Now that it looks that the time I have to spend on cooking is about the same for healthy balanced foods and weird processed stuff, I’ve decided to start eating healthy. First, guess what, I’ve read a Wikipedia article called ‘Healthy diet’. Next, I’ve searched for some scientific books on the subject. In the end, I stumbled upon this article.
Basically, the guy claims that science of nutrition is not developed enough to use it as a proper tool for choosing a diet. There are a lot of important things that are unknown. He suggests to dismiss science and go with culture - accumulated practices of people’s dietary habits.

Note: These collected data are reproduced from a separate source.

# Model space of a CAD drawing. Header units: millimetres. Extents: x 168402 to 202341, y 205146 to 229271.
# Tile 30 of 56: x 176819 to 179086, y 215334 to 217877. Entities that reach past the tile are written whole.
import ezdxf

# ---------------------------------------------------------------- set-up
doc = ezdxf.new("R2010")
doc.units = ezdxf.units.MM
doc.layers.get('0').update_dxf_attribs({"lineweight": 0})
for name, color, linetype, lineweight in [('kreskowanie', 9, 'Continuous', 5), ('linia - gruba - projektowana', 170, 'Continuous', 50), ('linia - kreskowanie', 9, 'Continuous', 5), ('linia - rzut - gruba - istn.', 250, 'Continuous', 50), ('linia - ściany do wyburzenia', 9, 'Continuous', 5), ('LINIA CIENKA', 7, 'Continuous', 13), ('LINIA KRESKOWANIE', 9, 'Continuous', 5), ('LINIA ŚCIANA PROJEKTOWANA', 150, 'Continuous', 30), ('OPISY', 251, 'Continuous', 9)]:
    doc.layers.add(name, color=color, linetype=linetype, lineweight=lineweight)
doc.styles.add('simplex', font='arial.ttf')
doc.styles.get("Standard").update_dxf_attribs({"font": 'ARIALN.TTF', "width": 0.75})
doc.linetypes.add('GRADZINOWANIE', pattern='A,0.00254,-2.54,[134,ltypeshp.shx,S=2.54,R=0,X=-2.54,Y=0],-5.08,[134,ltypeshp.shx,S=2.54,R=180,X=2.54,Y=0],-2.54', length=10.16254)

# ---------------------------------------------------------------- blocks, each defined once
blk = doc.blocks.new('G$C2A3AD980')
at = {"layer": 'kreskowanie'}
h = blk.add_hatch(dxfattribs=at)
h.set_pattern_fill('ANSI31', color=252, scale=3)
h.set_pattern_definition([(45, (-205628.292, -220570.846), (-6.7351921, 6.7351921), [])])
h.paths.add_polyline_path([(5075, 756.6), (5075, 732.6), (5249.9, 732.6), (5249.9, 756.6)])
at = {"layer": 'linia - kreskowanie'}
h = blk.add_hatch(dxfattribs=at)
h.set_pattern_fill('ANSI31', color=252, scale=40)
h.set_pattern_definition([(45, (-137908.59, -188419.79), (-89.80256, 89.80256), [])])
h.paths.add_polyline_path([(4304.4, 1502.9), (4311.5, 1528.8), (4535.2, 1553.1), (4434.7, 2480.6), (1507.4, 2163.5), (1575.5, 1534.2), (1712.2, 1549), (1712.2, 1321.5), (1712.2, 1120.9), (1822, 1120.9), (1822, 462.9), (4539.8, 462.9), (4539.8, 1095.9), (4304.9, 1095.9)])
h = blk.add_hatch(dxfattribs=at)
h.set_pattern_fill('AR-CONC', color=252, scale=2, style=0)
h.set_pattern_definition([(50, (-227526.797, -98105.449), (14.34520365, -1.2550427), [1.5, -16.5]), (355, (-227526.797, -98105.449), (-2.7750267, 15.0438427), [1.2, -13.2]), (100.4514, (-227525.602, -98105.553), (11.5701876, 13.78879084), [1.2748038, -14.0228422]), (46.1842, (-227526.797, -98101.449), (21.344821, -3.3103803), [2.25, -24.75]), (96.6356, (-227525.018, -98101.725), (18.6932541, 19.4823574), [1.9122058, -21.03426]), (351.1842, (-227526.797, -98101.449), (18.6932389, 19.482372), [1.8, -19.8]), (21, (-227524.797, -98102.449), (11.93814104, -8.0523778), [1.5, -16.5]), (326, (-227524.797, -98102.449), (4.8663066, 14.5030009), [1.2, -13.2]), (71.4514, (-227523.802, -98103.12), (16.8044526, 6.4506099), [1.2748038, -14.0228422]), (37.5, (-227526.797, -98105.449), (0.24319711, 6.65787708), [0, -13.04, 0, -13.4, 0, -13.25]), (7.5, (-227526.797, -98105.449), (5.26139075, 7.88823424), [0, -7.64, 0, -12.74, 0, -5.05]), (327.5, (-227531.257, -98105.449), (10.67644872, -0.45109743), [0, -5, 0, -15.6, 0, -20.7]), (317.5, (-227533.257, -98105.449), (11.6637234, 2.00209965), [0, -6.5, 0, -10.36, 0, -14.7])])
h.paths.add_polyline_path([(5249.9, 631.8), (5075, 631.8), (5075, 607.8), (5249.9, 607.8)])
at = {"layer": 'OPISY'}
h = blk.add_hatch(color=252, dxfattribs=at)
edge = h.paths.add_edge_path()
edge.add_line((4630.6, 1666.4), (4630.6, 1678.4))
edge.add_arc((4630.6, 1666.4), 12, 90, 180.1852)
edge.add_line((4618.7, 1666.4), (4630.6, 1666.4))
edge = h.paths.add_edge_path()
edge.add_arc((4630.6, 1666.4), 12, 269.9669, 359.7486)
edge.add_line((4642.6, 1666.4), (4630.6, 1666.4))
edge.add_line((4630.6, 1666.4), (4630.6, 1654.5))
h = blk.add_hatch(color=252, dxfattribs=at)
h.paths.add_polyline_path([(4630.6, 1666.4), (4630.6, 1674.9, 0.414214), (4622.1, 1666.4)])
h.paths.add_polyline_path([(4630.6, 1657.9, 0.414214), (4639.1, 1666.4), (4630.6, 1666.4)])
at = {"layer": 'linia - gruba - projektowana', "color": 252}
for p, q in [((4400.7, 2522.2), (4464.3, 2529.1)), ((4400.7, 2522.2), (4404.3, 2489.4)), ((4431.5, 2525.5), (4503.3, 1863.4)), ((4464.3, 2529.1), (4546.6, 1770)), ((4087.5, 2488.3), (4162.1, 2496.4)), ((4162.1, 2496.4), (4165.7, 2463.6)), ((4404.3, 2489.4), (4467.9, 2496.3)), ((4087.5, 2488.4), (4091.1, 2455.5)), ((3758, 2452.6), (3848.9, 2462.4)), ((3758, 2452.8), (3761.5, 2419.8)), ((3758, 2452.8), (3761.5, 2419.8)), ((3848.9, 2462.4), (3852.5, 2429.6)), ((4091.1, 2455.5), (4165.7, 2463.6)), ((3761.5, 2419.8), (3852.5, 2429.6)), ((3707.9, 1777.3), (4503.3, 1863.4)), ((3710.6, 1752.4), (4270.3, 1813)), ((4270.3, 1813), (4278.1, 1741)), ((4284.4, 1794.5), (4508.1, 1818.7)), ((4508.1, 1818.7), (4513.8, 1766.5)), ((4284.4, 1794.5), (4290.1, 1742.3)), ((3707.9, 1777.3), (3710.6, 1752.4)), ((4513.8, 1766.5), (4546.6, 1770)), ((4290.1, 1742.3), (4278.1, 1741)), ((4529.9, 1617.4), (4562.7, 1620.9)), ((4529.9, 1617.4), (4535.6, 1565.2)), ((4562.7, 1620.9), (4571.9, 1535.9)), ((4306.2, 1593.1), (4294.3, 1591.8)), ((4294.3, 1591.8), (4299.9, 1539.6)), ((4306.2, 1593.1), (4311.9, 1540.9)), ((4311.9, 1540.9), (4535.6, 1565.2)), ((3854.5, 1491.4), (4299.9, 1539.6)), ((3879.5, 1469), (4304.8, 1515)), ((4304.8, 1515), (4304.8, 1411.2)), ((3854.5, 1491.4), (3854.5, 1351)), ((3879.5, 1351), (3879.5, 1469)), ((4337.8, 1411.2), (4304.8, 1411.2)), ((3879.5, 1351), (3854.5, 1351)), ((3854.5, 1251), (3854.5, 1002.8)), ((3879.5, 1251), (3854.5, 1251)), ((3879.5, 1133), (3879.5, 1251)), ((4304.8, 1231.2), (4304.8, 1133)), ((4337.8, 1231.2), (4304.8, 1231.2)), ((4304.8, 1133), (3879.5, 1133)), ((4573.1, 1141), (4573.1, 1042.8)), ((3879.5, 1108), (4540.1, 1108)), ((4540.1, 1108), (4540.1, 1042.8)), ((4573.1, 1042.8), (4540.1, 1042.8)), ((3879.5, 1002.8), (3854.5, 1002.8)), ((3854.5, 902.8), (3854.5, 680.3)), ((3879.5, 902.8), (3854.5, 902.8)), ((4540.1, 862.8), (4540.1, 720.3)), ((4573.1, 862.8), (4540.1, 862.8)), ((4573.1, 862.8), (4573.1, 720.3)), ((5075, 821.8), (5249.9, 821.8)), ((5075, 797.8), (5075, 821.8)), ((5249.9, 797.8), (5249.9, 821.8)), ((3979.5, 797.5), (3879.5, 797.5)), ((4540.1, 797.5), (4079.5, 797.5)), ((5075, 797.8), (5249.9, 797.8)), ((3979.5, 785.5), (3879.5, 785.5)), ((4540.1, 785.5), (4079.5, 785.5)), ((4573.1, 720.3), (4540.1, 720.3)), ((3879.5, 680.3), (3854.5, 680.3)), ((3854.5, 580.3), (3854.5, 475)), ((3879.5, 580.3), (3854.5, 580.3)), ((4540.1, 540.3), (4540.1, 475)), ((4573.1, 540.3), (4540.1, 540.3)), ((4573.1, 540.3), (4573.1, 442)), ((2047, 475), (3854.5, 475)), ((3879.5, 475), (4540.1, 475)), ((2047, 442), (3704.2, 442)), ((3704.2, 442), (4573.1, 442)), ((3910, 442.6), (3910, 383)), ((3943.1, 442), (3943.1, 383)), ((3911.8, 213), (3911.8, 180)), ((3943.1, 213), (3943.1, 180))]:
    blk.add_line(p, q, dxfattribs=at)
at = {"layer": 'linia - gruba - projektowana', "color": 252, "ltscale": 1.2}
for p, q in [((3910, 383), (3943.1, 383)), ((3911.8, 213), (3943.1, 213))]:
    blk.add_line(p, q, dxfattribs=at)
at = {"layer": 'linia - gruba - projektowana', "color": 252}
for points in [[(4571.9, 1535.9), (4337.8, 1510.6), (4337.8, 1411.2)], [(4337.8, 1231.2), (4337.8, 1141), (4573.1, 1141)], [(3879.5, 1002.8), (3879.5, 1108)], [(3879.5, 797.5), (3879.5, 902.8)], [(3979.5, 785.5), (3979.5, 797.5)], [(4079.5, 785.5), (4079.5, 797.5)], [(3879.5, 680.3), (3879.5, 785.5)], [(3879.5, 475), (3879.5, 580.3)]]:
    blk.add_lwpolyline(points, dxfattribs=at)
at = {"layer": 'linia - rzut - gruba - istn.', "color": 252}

I totally agree with the idea of dismissing science and sticking with culture sometimes, if author’s evaluation of the state of nutrition science is valid, this is by all means the best way to proceed. One complication I can see here, which is also mentioned by the author, is that backgrounds that caused one or another diet to emerge historically, might have vanished, making the underlying reasons to follow the diet less valid.
We cannot just go and try to eat exactly what our grand-grand parents ate and hope it’s the best choice - it’s probably not. They have been doing different things - for instance, they probably had a whole lot more of physical exercise. Also, food that was in their possession differed from ours strongly. It looks like our world is too different to mimic old practices.
It does not, though, invalidate the idea of mimicking practices from each other. If we have some tool to understand some practice works more or less right now in certain conditions, we might want to use it. I really like the idea of somehow facilitating useful practices - because it looks like currently there is quite a lot of important life questions (like diet) in which science doesn’t seem to help a lot by far. One could argue that coming back to copying practices is anti-scientific. It looks to me really pro-scientific, thought. The problem of soft-sciences, for instance, is lack of a body of knowledge to generalize from. Food scientists seem to struggle with surveys and expensive experiments, trying to get people to tell them what they eat. If there is a tool allowing people to try adopting certain diets and then tracking themselves, the knowledge of what practices (diets) are better will emerge soon.
What I can think of now is Google Glass recognizing food that you eat and logging it. I also think about guys from ‘Quantified Self’. I need to think about it more, though.